Essay by architect Jesse LeCavalier
Architect Jesse LeCavalier explores two accounts of architecture understood and deployed as a network of connected buildings in pursuit of a territorial agenda. Looking at these two examples together helps to better understand the possibilities of architecture to operate in unison, beyond the envelope of any single building.
What follows are two accounts of architecture understood and deployed as a network of connected buildings in pursuit of a territorial agenda. Looking at these two examples together helps to better understand the possibilities of architecture to operate in unison, beyond the envelope of any single building. The first concerns an experiment in automated retail by Clarence Saunders, the founder of Piggly Wiggly and inventor of self-service (he holds the patent). Though the project never achieved the ubiquity Saunders envisioned, it is an early example of architecture acting territorially and prefigures the contemporary geopolitics of discount retail. These are most evident in the operations of Walmart Stores, Inc., a discount retailer based in Bentonville, Arkansas. Tracking the process by which the company came to have stores in Vermont shows how Walmart carefully deploys its architecture to override certain restrictions and effectively redraw political boundaries.

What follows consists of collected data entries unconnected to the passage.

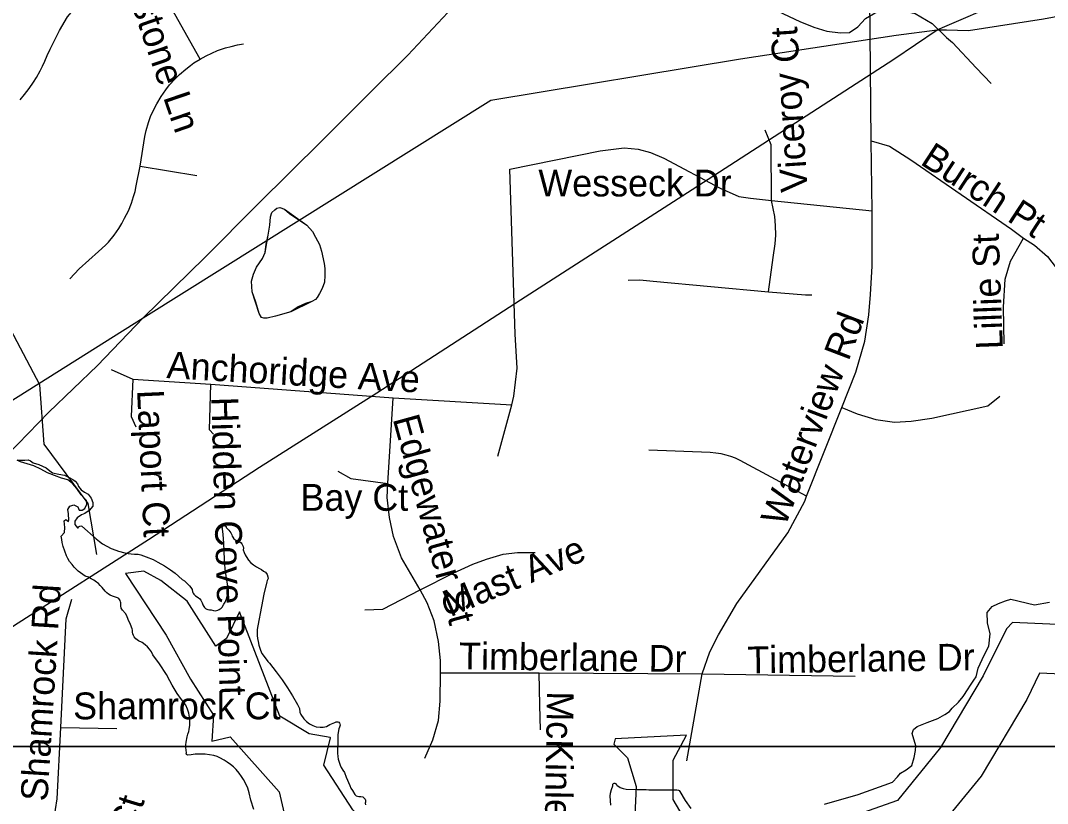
# Model space of a CAD drawing. Extents: x 1662474 to 1856135, y 779280 to 917889.
# Drawn here: x 1701087 to 1704721, y 826386 to 829158 of the extents above; entities that cross this region are included whole.
import ezdxf

# ---------------------------------------------------------------- set-up
doc = ezdxf.new("R2010")
doc.units = 0
for name, color, linetype in [('Exist Hydrographic Lake Shore', 7, 'Continuous'), ('Exist Hydrographic Misc Water Feature', 7, 'Continuous'), ('Exist Road Non-System Type 51', 7, 'Continuous'), ('Exist Road Non-System Type 51 Label', 7, 'Continuous'), ('Exist Utilities Electrical Transmission Line', 7, 'Continuous'), ('Map Preparation Inset Cut Line', 7, 'Continuous'), ('Old_Level_44', 7, 'Continuous')]:
    doc.layers.add(name, color=color, linetype=linetype)

msp = doc.modelspace()

# ---------------------------------------------------------------- linework, layer by layer
at = {"layer": 'Exist Hydrographic Lake Shore'}
for points in [[(1701499.4, 826965.1), (1701494.1, 826969.6), (1701489.2, 826975.8), (1701486.2, 826980.8), (1701484.2, 826987.1), (1701483.1, 826992.6), (1701482.9, 826999.4), (1701481.4, 827004.9), (1701476.1, 827019.4), (1701467.6, 827037.5), (1701462.6, 827050.6), (1701458.2, 827058.8), (1701447.2, 827070.8), (1701443.2, 827077.7), (1701441.1, 827086.6), (1701441.1, 827096.3), (1701440.9, 827100), (1701439.1, 827104.9), (1701437, 827108.6), (1701433.9, 827111.8), (1701429.6, 827114.7), (1701426.2, 827116), (1701419.4, 827117.3), (1701412, 827119.9), (1701404.1, 827123.6), (1701397.6, 827127.8), (1701391.5, 827132.2), (1701386, 827137.5), (1701375.8, 827150.6), (1701368.5, 827158.5), (1701362.1, 827164.6), (1701355.6, 827170.1), (1701346.4, 827176.6), (1701337, 827182.1), (1701327.2, 827187.1), (1701315.5, 827191.6), (1701307.2, 827196.8), (1701291, 827208.9), (1701276.6, 827222.8), (1701269, 827231.8), (1701260.4, 827243.2), (1701254.2, 827253), (1701249, 827263.2), (1701237, 827296.1), (1701234.1, 827309.7), (1701232.8, 827320.9), (1701230.1, 827333.1), (1701241.8, 827345.6), (1701242.8, 827363.5), (1701240.6, 827386.9), (1701247, 827391.3), (1701256.4, 827384.5), (1701257.5, 827388.7), (1701256.4, 827411.5), (1701253.8, 827427), (1701260.6, 827439.1), (1701274.8, 827443), (1701289.5, 827437), (1701294.5, 827424.6), (1701305, 827424.4), (1701314.1, 827430.9), (1701320.8, 827446.2), (1701319.4, 827458.8), (1701300.8, 827479), (1701285.2, 827501), (1701271.1, 827518.1), (1701253.8, 827531.8), (1701231.5, 827538.3), (1701181.4, 827557.4), (1701158, 827570.1), (1701134.1, 827581.9), (1701086.9, 827596.3), (1701075, 827602.1), (1701101.5, 827602.1), (1701113.1, 827603.1), (1701122.2, 827598.9), (1701131.5, 827592.1), (1701151.1, 827586.1), (1701176.9, 827574.5), (1701190.2, 827563.8), (1701200, 827556.9), (1701222.2, 827551.9), (1701242, 827549.1), (1701256.4, 827541.9), (1701271.1, 827533.8), (1701280, 827526.8), (1701287.9, 827517.6), (1701291.9, 827508.6), (1701301, 827497.1), (1701312.9, 827488.9), (1701326, 827481.1), (1701336.1, 827466.6), (1701342, 827452.2), (1701342, 827438.6), (1701329.9, 827423.9), (1701314.1, 827412.6), (1701302.4, 827408.6), (1701286.6, 827398.1), (1701279, 827385.8), (1701279, 827373.8)], [(1701279, 827373.8), (1701287.9, 827362.2), (1701290.2, 827362.7), (1701292.1, 827365.9), (1701293.9, 827367.4), (1701296.2, 827368.5), (1701300, 827368.8), (1701303.6, 827367.7), (1701354, 827323.1), (1701366.1, 827313.4), (1701376.6, 827305.8), (1701407.2, 827288.9), (1701410.8, 827287.4), (1701432.8, 827279.2), (1701455.4, 827273.2), (1701466.9, 827271.4), (1701478.4, 827269.8), (1701490.2, 827269), (1701502.6, 827269), (1701512, 827266.1), (1701530.9, 827259.6), (1701555.4, 827249.6), (1701572.9, 827240.9), (1701596, 827227.8), (1701617.8, 827213.4), (1701633.8, 827201.3), (1701658.5, 827179.8), (1701666.9, 827174.2), (1701675.8, 827164.8), (1701684.8, 827156.7), (1701689.5, 827150.9), (1701693.4, 827144.3), (1701695.2, 827135.9), (1701697.4, 827130.9), (1701699.8, 827127.2), (1701705.2, 827122), (1701715.4, 827115.4), (1701720.6, 827110.8), (1701724.1, 827106.6), (1701727, 827101.8), (1701729.1, 827096.8), (1701731.5, 827089.2), (1701734.9, 827083.2), (1701737.5, 827080), (1701741.1, 827076.9), (1701745.6, 827074), (1701749.2, 827072.7), (1701755.4, 827071.4), (1701761.6, 827071.4), (1701770, 827069), (1701776.4, 827068.8), (1701785, 827070.3), (1701790, 827072.7), (1701796.8, 827077.9), (1701799.8, 827081.1), (1701806.5, 827091.6), (1701810.8, 827098.9), (1701815.8, 827111), (1701819.4, 827125.4), (1701821, 827137), (1701820.6, 827148.5), (1701819.9, 827156.9), (1701815.1, 827184.2), (1701811, 827217.1), (1701808.9, 827249.8), (1701806.5, 827307.6), (1701803.9, 827338.8), (1701801.5, 827358.5), (1701800.2, 827362.4), (1701800.8, 827365.3), (1701801.5, 827367.2), (1701803.9, 827369.2), (1701807.9, 827370.3), (1701811, 827369.5), (1701813.9, 827366.9), (1701814.9, 827362.9), (1701823.6, 827353.8), (1701830.6, 827344.3), (1701834.6, 827337.2), (1701835.9, 827332.8), (1701837.5, 827329.6), (1701841.6, 827323.6), (1701844.6, 827321.2), (1701848.5, 827318.9), (1701852.8, 827317.1), (1701856.6, 827316), (1701862.4, 827313.1), (1701867.1, 827309.2), (1701870.2, 827305.2), (1701872.6, 827300.8), (1701874.5, 827296.1), (1701875.2, 827289.8), (1701874.8, 827283.7), (1701877.9, 827275.1), (1701881.6, 827266.6), (1701885.2, 827260.3), (1701893.6, 827248.2), (1701902.2, 827238.8), (1701910.5, 827231.4), (1701921.2, 827224.1)], [(1701921.2, 827224.1), (1701932.5, 827218.4), (1701939.4, 827214.9), (1701946.6, 827209.2), (1701954, 827204.9), (1701959.2, 827197.1), (1701961.9, 827188.2), (1701962.4, 827182.9), (1701959, 827176.1), (1701958.2, 827171.1), (1701948.2, 827127), (1701939.4, 827083.4), (1701926.5, 827015.4), (1701924.6, 827002.3), (1701924.1, 826991.8), (1701924.4, 826981.1), (1701925.4, 826970.6), (1701927.2, 826960.1), (1701930.1, 826947.2), (1701936.1, 826928.6), (1701941.1, 826917.8), (1701955.6, 826897.1), (1701962.1, 826888.9), (1701968.2, 826882.7), (1701991.8, 826852.5), (1702012, 826824.6), (1702031.5, 826796.1), (1702049.5, 826766.9), (1702066.9, 826737), (1702073.8, 826722.8), (1702075, 826709.7), (1702078.4, 826701.3), (1702088.9, 826686.1), (1702098.1, 826676.4), (1702108.9, 826668.2), (1702120.6, 826662.2), (1702133.2, 826658.2), (1702146.6, 826656.7), (1702157.4, 826656.9), (1702169, 826659.1), (1702181.6, 826665.6), (1702199.1, 826672.7), (1702203.9, 826675.3), (1702206.2, 826675.6), (1702209.6, 826675.1), (1702213.1, 826673.8), (1702215.8, 826671.1), (1702217.2, 826668.2), (1702218, 826663.5), (1702217.2, 826660.1), (1702215.4, 826656.9), (1702213.6, 826650.9), (1702210.1, 826630.9), (1702209.1, 826613.4), (1702209.9, 826595.8), (1702208.4, 826584.5), (1702207.9, 826575.3), (1702208.1, 826564), (1702209.4, 826552.5), (1702211, 826543.6), (1702214.1, 826532.6), (1702218, 826522.1), (1702221.8, 826513.6), (1702227.2, 826503.7), (1702232.8, 826495.5), (1702239, 826479.8), (1702251.9, 826450.4), (1702255, 826440.9), (1702261.9, 826432.6), (1702270.2, 826418.1), (1702274.8, 826413.9), (1702279.2, 826411.8), (1702283.9, 826411), (1702291.2, 826411.2), (1702297.6, 826409.7), (1702301.8, 826406.8), (1702305.8, 826401.8), (1702307.2, 826398.4), (1702307.9, 826394.5), (1702307.9, 826390.8), (1702306.8, 826386.9), (1702307.2, 826381.9)], [(1704190.2, 826480.1), (1704201.2, 826494.2), (1704221.4, 826505.8), (1704241.6, 826520.8), (1704250, 826549.6), (1704254.5, 826574.2), (1704255.2, 826590), (1704241.9, 826634.4), (1704247.4, 826648), (1704259.8, 826658.5), (1704294.9, 826672.7), (1704332.8, 826687.1), (1704357.9, 826701.1), (1704374.1, 826712.1), (1704383.6, 826724.1), (1704406.5, 826744.6), (1704422.8, 826765.1), (1704440.6, 826792.1), (1704446.1, 826802.1), (1704460.2, 826822.3), (1704468.4, 826834.9), (1704476.5, 826865.9), (1704496.8, 826911.2), (1704514.1, 826943.8), (1704518.2, 826986.3), (1704509.1, 827025.9), (1704507.8, 827062.4), (1704525.1, 827084.2), (1704547.6, 827094.8), (1704572.9, 827103.9), (1704591, 827109.2), (1704675.5, 827090), (1704728.2, 827099.2)], [(1701536.1, 826940.9), (1701528, 826948.2), (1701516.5, 826956.4), (1701504.1, 826962.2), (1701499.4, 826965.1)], [(1701912.2, 826364.8), (1701902, 826398.4), (1701896, 826423.9), (1701890.8, 826440.1), (1701884, 826455.9), (1701876.1, 826470.9), (1701868.8, 826482.4), (1701860.6, 826493.4), (1701849.5, 826506.3), (1701839.9, 826516), (1701829.4, 826524.7), (1701818.4, 826533.1), (1701806.8, 826540.1), (1701791.9, 826548.2), (1701782.4, 826552.5), (1701770.5, 826556.7), (1701739.9, 826560.4), (1701705, 826560.4), (1701690.2, 826559.1), (1701678.8, 826557.2), (1701676.6, 826558), (1701674.2, 826560.1), (1701673.1, 826563.2), (1701673.8, 826565.9), (1701671.9, 826584.5), (1701671.9, 826594.2), (1701672.6, 826603.9), (1701676.1, 826622.8), (1701678.8, 826632), (1701682.1, 826641.2), (1701683.6, 826648.2), (1701685.2, 826663), (1701685.5, 826675.1), (1701684.5, 826692.1), (1701681.9, 826706.6), (1701677.4, 826720.4), (1701671.4, 826734.9), (1701655.9, 826754.6), (1701641.4, 826775.1), (1701623, 826804.9), (1701614.6, 826820.7), (1701603.4, 826843.3), (1701578.1, 826880.3), (1701554.8, 826912.1), (1701549.5, 826923.3), (1701543.2, 826932.5), (1701536.1, 826940.9)], [(1703175.5, 826380.6), (1703174, 826412.6), (1703174.5, 826422.8), (1703177.6, 826435.4), (1703183.1, 826448.8), (1703182.4, 826451.9), (1703182.9, 826454.1), (1703185, 826456.7), (1703188.1, 826458), (1703190.2, 826458), (1703192.2, 826456.9), (1703193.9, 826455.6), (1703196, 826452.2), (1703198.1, 826450.1), (1703204.1, 826445.9), (1703209.4, 826442.8), (1703219.1, 826438.8), (1703230.4, 826436.5), (1703269, 826435.7), (1703301, 826436.2), (1703310.1, 826434.9), (1703409.9, 826434.9), (1703414.9, 826433.3), (1703417.2, 826431.8), (1703420.1, 826428.9), (1703439.2, 826397.1), (1703459.2, 826368.2)], [(1703932.2, 826384.2), (1704050.9, 826417.8), (1704172.9, 826461.7), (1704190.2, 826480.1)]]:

Clarence Saunders was convinced that his third attempt at getting rich was fail-safe. On and off for the last 20 years of his life, he worked on developing a project for an automatic shopping environment that he called Keedoozle. The name was always a big thing for Saunders, having founded the Piggly Wiggly grocery chain as well as the “Clarence Saunders: Sole Owner of My Name” stores. Keedoozle is derived from a contraction and modification of the phrase “Key Does All,” in reference to the device customers used to select their merchandise. Saunders was convinced that having a sample of each item for sale behind glass would increase efficiency, increase hygiene, and reduce theft. Patrons (or patronesses, as was more likely the case in the 1930s) would survey the available goods and then register their selection by attaching the key — often described as a cross between a camera and a gun—and pulling a lever that would in turn perforate a strip of paper. That strip, after accumulating a list of all the desired items, would then be brought to a cashier where it would be fed into a “translator” that would in turn trigger a series of belts and trip switches to automatically direct items into a tote that would momentarily and miraculously appear through a small door next to the cashier. The registration process of the items also tabulated their cost, thereby eliminating the time needed to checkout. Customers would pay the total while their items were being retrieved and would then be on their way. This format is different than an “automat” because in the latter, items are purchased one at a time and the item on display is the one the customer will buy. In the early Piggly Wiggly stores, customers acquired the labor-role of the clerk through the process of serving themselves. In the Keedoozle stores, customers took on the role of the inventory manager by effectively notifying the store of what merchandise was being depleted and what needed to be restocked.  The automatic stores themselves functioned like miniature distribution centers with automated conveyors and “trip shelves” that would allow workers in the storeroom to “pick” the orders placed by the customers and their keys. An examination of the plan shows the division of display room and stock room, but is effectively two buildings in one – a showroom open to the public and a small-scale automated distribution center.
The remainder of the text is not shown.